Le beffroi, édifié au 16è siècle,présente en façade un décor géométrique peint et à l'intérieur, dans la montée d'escalier, des fresques à motifs floraux. Sa cloche appelait , au 18è siècle, les protestants au culte jusqu'à ce que leur nouveau temple fut achevé...

Les condamnés aux galères de Châtillon

ACHARD ou LACHARD ou PAULCHARD, Paul. Né vers 1717, fils de feu Paul et Victoire Magnan; cordonnier de Châtillon-en-Diois (26410). (voir si frère de Louis ) Condamné à Grenoble pour enlèvement de prédicant, le 9 février 1745, marqué G.A.L. au fer rouge à Die. Un des derniers galériens libérés, le 11 octobre 1775.

EYMERIC ou AIMERY ou EYMERY, Jean-Jacques. Né vers 1701, fils de feu Pierre et feue Jeanne Lutier, époux d'Elisabeth Romangal ; chapelier. De La Baume-des-Arnaud (05019). Condamné à Grenoble à 5 ans pour assemblée, le 2 avri11746. Libéré le 8 avri1 1751.

TOUREIL ou TUREL, Pierre. Né vers 1661, fils de Claude et Marthe Vassière ; cardeur. De Châtillon-en-Diois (26410). Condamné en Dauphiné comme Vaudois, le 10 décembre 1689. Mort à l'hôpital le 10 juillet 1690.

AUDIBERT, Pierre. Faiseur de bas. Arrêté à Châtillon. De Nîmes (30000). Condamné à Montpellier le 16 septembre 1693. -

Michel TRUC, dans son livre: Petite histoire de Châtillon en Diois, a écrit : ...il faut ajouter, et c'est tout à l'honneur des Châtillonnais, qu'à quelque confession qu'ils appartinssent, ils vécurent toujours en bonne intelligence. Jamais aucune persécution ne fut l'œuvre des habitants du village.

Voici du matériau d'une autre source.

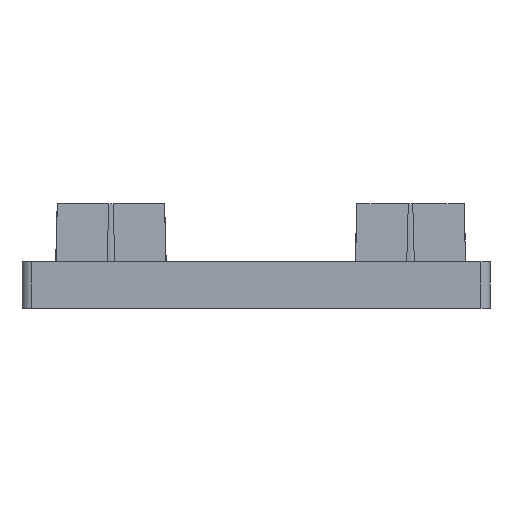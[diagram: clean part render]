
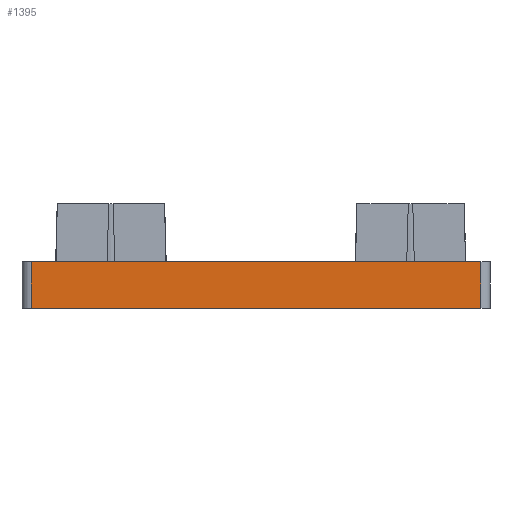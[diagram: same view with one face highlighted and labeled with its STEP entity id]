
A CAD part, front view. The second image highlights one B-rep face of the part: STEP entity #1395.
In plain terms, the highlighted planar face has unit normal (0, -1, 0).
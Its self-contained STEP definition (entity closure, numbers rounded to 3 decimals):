
#57 = DIRECTION ( 'NONE',  ( 0., 0., 1. ) ) ;
#89 = VECTOR ( 'NONE', #1290, 1000. ) ;
#98 = VECTOR ( 'NONE', #329, 1000. ) ;
#118 = DIRECTION ( 'NONE',  ( 0., 0., -1. ) ) ;
#143 = LINE ( 'NONE', #604, #531 ) ;
#190 = CARTESIAN_POINT ( 'NONE',  ( 0., 0., 0. ) ) ;
#205 = VERTEX_POINT ( 'NONE', #1514 ) ;
#221 = CARTESIAN_POINT ( 'NONE',  ( 48.99, 0., 5. ) ) ;
#304 = CARTESIAN_POINT ( 'NONE',  ( 0., 0., 5. ) ) ;
#329 = DIRECTION ( 'NONE',  ( 1., 0., 0. ) ) ;
#335 = ORIENTED_EDGE ( 'NONE', *, *, #605, .F. ) ;
#448 = EDGE_CURVE ( 'NONE', #205, #1755, #1434, .T. ) ;
#508 = DIRECTION ( 'NONE',  ( 0., 1., 0. ) ) ;
#531 = VECTOR ( 'NONE', #1032, 1000. ) ;
#604 = CARTESIAN_POINT ( 'NONE',  ( 50., 0., 0. ) ) ;
#605 = EDGE_CURVE ( 'NONE', #205, #996, #1622, .T. ) ;
#792 = PLANE ( 'NONE',  #1142 ) ;
#816 = ORIENTED_EDGE ( 'NONE', *, *, #1273, .F. ) ;
#882 = VERTEX_POINT ( 'NONE', #1200 ) ;
#996 = VERTEX_POINT ( 'NONE', #221 ) ;
#1027 = CARTESIAN_POINT ( 'NONE',  ( 48.99, 0., 5. ) ) ;
#1032 = DIRECTION ( 'NONE',  ( -1., 0., 0. ) ) ;
#1142 = AXIS2_PLACEMENT_3D ( 'NONE', #190, #508, #57 ) ;
#1200 = CARTESIAN_POINT ( 'NONE',  ( 48.99, 0., 0. ) ) ;
#1273 = EDGE_CURVE ( 'NONE', #882, #1755, #143, .T. ) ;
#1288 = ORIENTED_EDGE ( 'NONE', *, *, #1519, .T. ) ;
#1290 = DIRECTION ( 'NONE',  ( 0., 0., 1. ) ) ;
#1356 = VECTOR ( 'NONE', #118, 1000. ) ;
#1395 = ADVANCED_FACE ( 'NONE', ( #1804 ), #792, .F. ) ;
#1424 = CARTESIAN_POINT ( 'NONE',  ( 1., 0., 0. ) ) ;
#1434 = LINE ( 'NONE', #1424, #1356 ) ;
#1514 = CARTESIAN_POINT ( 'NONE',  ( 1., 0., 5. ) ) ;
#1519 = EDGE_CURVE ( 'NONE', #882, #996, #1726, .T. ) ;
#1524 = EDGE_LOOP ( 'NONE', ( #335, #1617, #816, #1288 ) ) ;
#1615 = CARTESIAN_POINT ( 'NONE',  ( 1., 0., 0. ) ) ;
#1617 = ORIENTED_EDGE ( 'NONE', *, *, #448, .T. ) ;
#1622 = LINE ( 'NONE', #304, #98 ) ;
#1726 = LINE ( 'NONE', #1027, #89 ) ;
#1755 = VERTEX_POINT ( 'NONE', #1615 ) ;
#1804 = FACE_OUTER_BOUND ( 'NONE', #1524, .T. ) ;
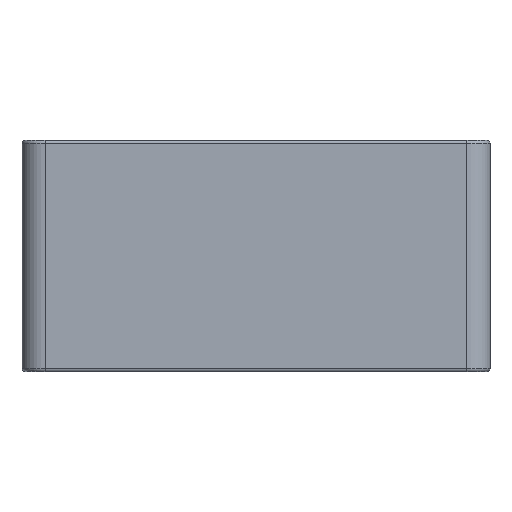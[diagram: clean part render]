
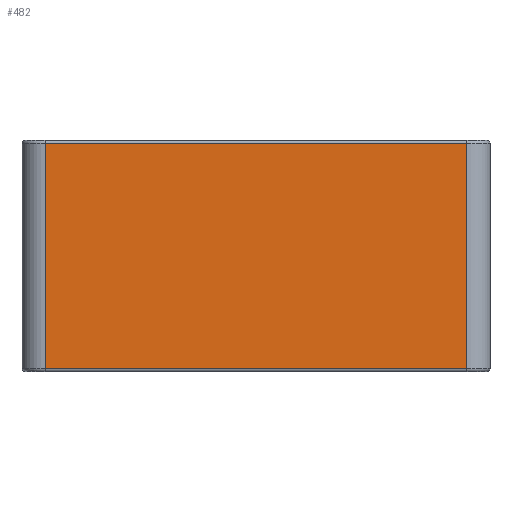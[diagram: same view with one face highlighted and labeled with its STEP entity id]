
A CAD part, front view. The second image highlights one B-rep face of the part: STEP entity #482.
In plain terms, the highlighted planar face has unit normal (0, -1, 0).
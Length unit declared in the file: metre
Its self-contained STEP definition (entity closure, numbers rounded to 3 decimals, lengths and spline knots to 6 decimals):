
#30=PLANE('',#536);
#97=ORIENTED_EDGE('',*,*,#211,.F.);
#98=ORIENTED_EDGE('',*,*,#217,.T.);
#99=ORIENTED_EDGE('',*,*,#209,.T.);
#100=ORIENTED_EDGE('',*,*,#218,.F.);
#209=EDGE_CURVE('',#270,#269,#312,.T.);
#211=EDGE_CURVE('',#271,#272,#313,.T.);
#217=EDGE_CURVE('',#271,#270,#317,.F.);
#218=EDGE_CURVE('',#272,#269,#318,.F.);
#269=VERTEX_POINT('',#800);
#270=VERTEX_POINT('',#802);
#271=VERTEX_POINT('',#806);
#272=VERTEX_POINT('',#807);
#312=LINE('',#801,#330);
#313=LINE('',#805,#331);
#317=LINE('',#817,#335);
#318=LINE('',#818,#336);
#330=VECTOR('',#623,1.);
#331=VECTOR('',#628,1.);
#335=VECTOR('',#640,1.);
#336=VECTOR('',#641,1.);
#348=EDGE_LOOP('',(#97,#98,#99,#100));
#408=FACE_BOUND('',#348,.T.);
#482=ADVANCED_FACE('',(#408),#30,.F.);
#536=AXIS2_PLACEMENT_3D('',#816,#638,#639);
#623=DIRECTION('',(0.,0.,1.));
#628=DIRECTION('',(0.,0.,1.));
#638=DIRECTION('',(0.,1.,0.));
#639=DIRECTION('',(-1.,0.,0.));
#640=DIRECTION('',(-1.,0.,0.));
#641=DIRECTION('',(-1.,0.,0.));
#800=CARTESIAN_POINT('',(0.0365,-0.0405,-0.1355));
#801=CARTESIAN_POINT('',(0.0365,-0.0405,-0.175));
#802=CARTESIAN_POINT('',(0.0365,-0.0405,-0.1745));
#805=CARTESIAN_POINT('',(-0.0365,-0.0405,-0.175));
#806=CARTESIAN_POINT('',(-0.0365,-0.0405,-0.1745));
#807=CARTESIAN_POINT('',(-0.0365,-0.0405,-0.1355));
#816=CARTESIAN_POINT('',(0.,-0.0405,-0.175));
#817=CARTESIAN_POINT('',(0.,-0.0405,-0.1745));
#818=CARTESIAN_POINT('',(0.,-0.0405,-0.1355));
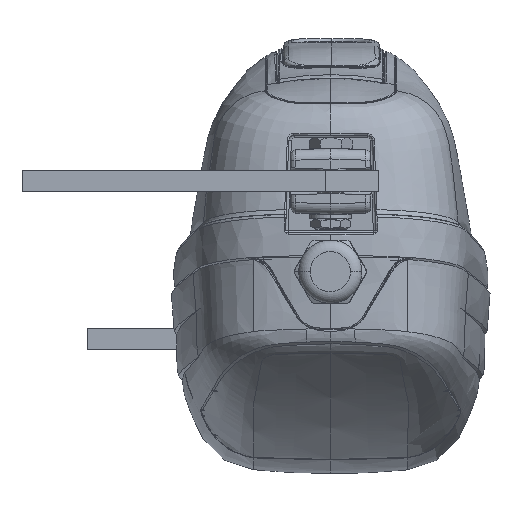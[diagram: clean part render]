
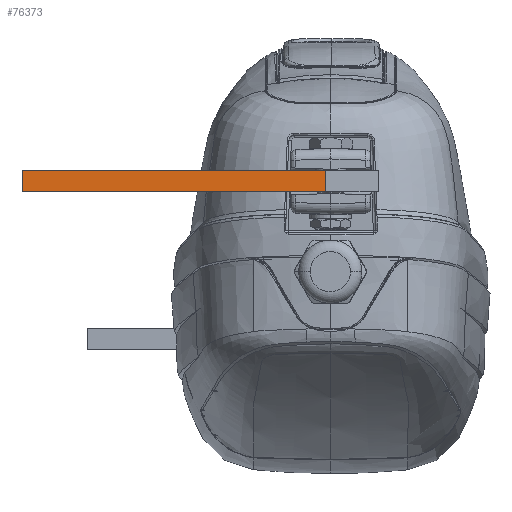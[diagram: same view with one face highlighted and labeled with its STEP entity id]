
A CAD part, left-side view. The second image highlights one B-rep face of the part: STEP entity #76373.
In plain terms, the highlighted planar face has unit normal (-1, 0, 0).
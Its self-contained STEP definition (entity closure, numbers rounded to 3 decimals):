
#1330 = FACE_OUTER_BOUND ( 'NONE', #118959, .T. ) ;
#6682 = CARTESIAN_POINT ( 'NONE',  ( -1060.881, 116.994, -3.947 ) ) ;
#10072 = CARTESIAN_POINT ( 'NONE',  ( -1060.881, 201.994, 4.053 ) ) ;
#13639 = LINE ( 'NONE', #116649, #106787 ) ;
#18982 = DIRECTION ( 'NONE',  ( 0., 0., -1. ) ) ;
#19500 = LINE ( 'NONE', #151059, #87944 ) ;
#20621 = ORIENTED_EDGE ( 'NONE', *, *, #32149, .F. ) ;
#23123 = DIRECTION ( 'NONE',  ( 0., -1., 0. ) ) ;
#25073 = CARTESIAN_POINT ( 'NONE',  ( -1060.881, 1.994, 4.053 ) ) ;
#32149 = EDGE_CURVE ( 'NONE', #83177, #157497, #13639, .T. ) ;
#32947 = AXIS2_PLACEMENT_3D ( 'NONE', #10072, #144952, #72268 ) ;
#41983 = VECTOR ( 'NONE', #145136, 1000. ) ;
#42177 = CARTESIAN_POINT ( 'NONE',  ( -1060.881, 1.994, -3.947 ) ) ;
#45803 = LINE ( 'NONE', #133972, #41983 ) ;
#50796 = ORIENTED_EDGE ( 'NONE', *, *, #123160, .F. ) ;
#60065 = PLANE ( 'NONE',  #32947 ) ;
#63328 = VERTEX_POINT ( 'NONE', #6682 ) ;
#72268 = DIRECTION ( 'NONE',  ( 0., 0.707, -0.707 ) ) ;
#76373 = ADVANCED_FACE ( 'NONE', ( #1330 ), #60065, .T. ) ;
#80091 = CARTESIAN_POINT ( 'NONE',  ( -1060.881, 116.994, 4.053 ) ) ;
#83177 = VERTEX_POINT ( 'NONE', #125603 ) ;
#87944 = VECTOR ( 'NONE', #126668, 1000. ) ;
#98432 = VERTEX_POINT ( 'NONE', #42177 ) ;
#100471 = VECTOR ( 'NONE', #18982, 1000. ) ;
#105152 = EDGE_CURVE ( 'NONE', #63328, #98432, #19500, .T. ) ;
#106787 = VECTOR ( 'NONE', #23123, 1000. ) ;
#116649 = CARTESIAN_POINT ( 'NONE',  ( -1060.881, 201.994, 4.053 ) ) ;
#118959 = EDGE_LOOP ( 'NONE', ( #136017, #50796, #20621, #140568 ) ) ;
#123160 = EDGE_CURVE ( 'NONE', #157497, #98432, #45803, .T. ) ;
#125603 = CARTESIAN_POINT ( 'NONE',  ( -1060.881, 116.994, 4.053 ) ) ;
#126668 = DIRECTION ( 'NONE',  ( 0., -1., 0. ) ) ;
#132762 = LINE ( 'NONE', #80091, #100471 ) ;
#133972 = CARTESIAN_POINT ( 'NONE',  ( -1060.881, 1.994, 4.053 ) ) ;
#136017 = ORIENTED_EDGE ( 'NONE', *, *, #105152, .T. ) ;
#136505 = EDGE_CURVE ( 'NONE', #83177, #63328, #132762, .T. ) ;
#140568 = ORIENTED_EDGE ( 'NONE', *, *, #136505, .T. ) ;
#144952 = DIRECTION ( 'NONE',  ( -1., 0., 0. ) ) ;
#145136 = DIRECTION ( 'NONE',  ( 0., 0., -1. ) ) ;
#151059 = CARTESIAN_POINT ( 'NONE',  ( -1060.881, 201.994, -3.947 ) ) ;
#157497 = VERTEX_POINT ( 'NONE', #25073 ) ;
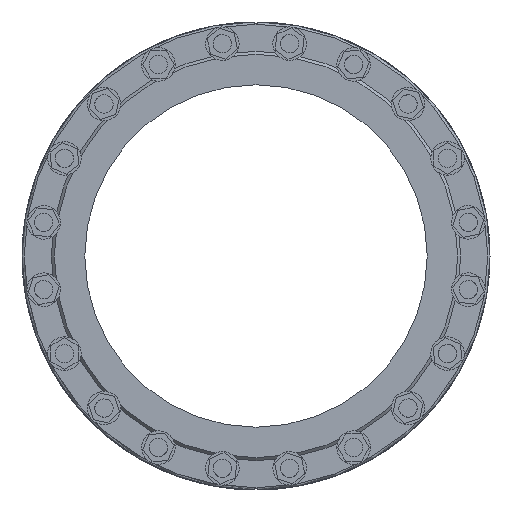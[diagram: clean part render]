
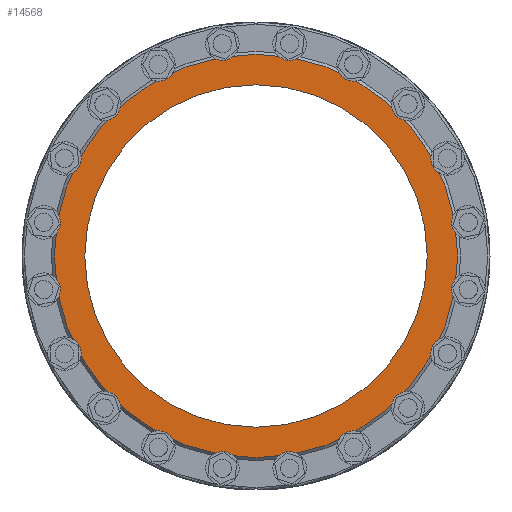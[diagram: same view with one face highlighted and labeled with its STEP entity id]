
A CAD part, left-side view. The second image highlights one B-rep face of the part: STEP entity #14568.
In plain terms, the highlighted planar face has unit normal (-1, 0, 0).
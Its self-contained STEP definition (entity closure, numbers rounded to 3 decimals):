
#1342 = DIRECTION ( 'NONE',  ( 0., 0., 1. ) ) ;
#2979 = CARTESIAN_POINT ( 'NONE',  ( -16., 0., -225. ) ) ;
#3226 = AXIS2_PLACEMENT_3D ( 'NONE', #16098, #30227, #9035 ) ;
#3269 = DIRECTION ( 'NONE',  ( -1., 0., 0. ) ) ;
#6484 = DIRECTION ( 'NONE',  ( 0., 0., -1. ) ) ;
#9035 = DIRECTION ( 'NONE',  ( 0., 0., -1. ) ) ;
#9104 = FACE_BOUND ( 'NONE', #23692, .T. ) ;
#9279 = PLANE ( 'NONE',  #33342 ) ;
#11866 = FACE_OUTER_BOUND ( 'NONE', #14921, .T. ) ;
#14568 = ADVANCED_FACE ( 'NONE', ( #9104, #11866 ), #9279, .F. ) ;
#14921 = EDGE_LOOP ( 'NONE', ( #23385 ) ) ;
#16098 = CARTESIAN_POINT ( 'NONE',  ( -16., 0., 0. ) ) ;
#16303 = EDGE_CURVE ( 'NONE', #25056, #25056, #16362, .T. ) ;
#16362 = CIRCLE ( 'NONE', #19656, 265. ) ;
#16410 = CIRCLE ( 'NONE', #3226, 225. ) ;
#16693 = DIRECTION ( 'NONE',  ( 1., 0., 0. ) ) ;
#19101 = CARTESIAN_POINT ( 'NONE',  ( -16., -225., 0. ) ) ;
#19656 = AXIS2_PLACEMENT_3D ( 'NONE', #21364, #3269, #6484 ) ;
#21364 = CARTESIAN_POINT ( 'NONE',  ( -16., 0., 0. ) ) ;
#21970 = CARTESIAN_POINT ( 'NONE',  ( -16., 0., -265. ) ) ;
#22159 = EDGE_CURVE ( 'NONE', #24179, #24179, #16410, .T. ) ;
#23385 = ORIENTED_EDGE ( 'NONE', *, *, #16303, .T. ) ;
#23692 = EDGE_LOOP ( 'NONE', ( #32174 ) ) ;
#24179 = VERTEX_POINT ( 'NONE', #2979 ) ;
#25056 = VERTEX_POINT ( 'NONE', #21970 ) ;
#30227 = DIRECTION ( 'NONE',  ( 1., 0., 0. ) ) ;
#32174 = ORIENTED_EDGE ( 'NONE', *, *, #22159, .T. ) ;
#33342 = AXIS2_PLACEMENT_3D ( 'NONE', #19101, #16693, #1342 ) ;

Le 19 ou 20 janvier, le curé de Châtillon, apprenant que le pasteur Roland était dans une maison du bourg, auprès d'un malade, ameuta les paysans contre lui et le fit saisir au collet. Mais le cordonnier Paul Achard l'arracha de leurs mains. Aussitôt trois ou quatre brigades d'archers, accompagnées d'un détachement de soldats, se rendirent à Châtillon et s'emparèrent d'Achard , que le parlement condamna peu après (9 février) aux galères perpétuelles et qui fut flétri à Die. Les archers arrêtèrent plusieurs autres personnes de Châtillon, notamment Jean -Jacques Eymerie, et de là allèrent à Vinsobres, où ils se saisirent de beaucoup de protestants qui revenaient d'une assemblée.

Charles Monod, pasteur issu d'une illustre famille, est pasteur à Châtillon-en-Diois de. 1928 à 1936 Dès la déclaration de la guerre, installé à Cannes, il aida les réfugiés étrangers et les juifs à Cannes et dans les Alpes-Maritimes en leur procurant de fausses cartes d'identité et de faux certificats de baptême. Charles Monod est aidé par l'abbé Tondre, de la Drôme. Condamné avec le pasteur Ramette pour avoir rédigé de faux certificats de baptême, il quitta Nice et trouva refuge à Marseille.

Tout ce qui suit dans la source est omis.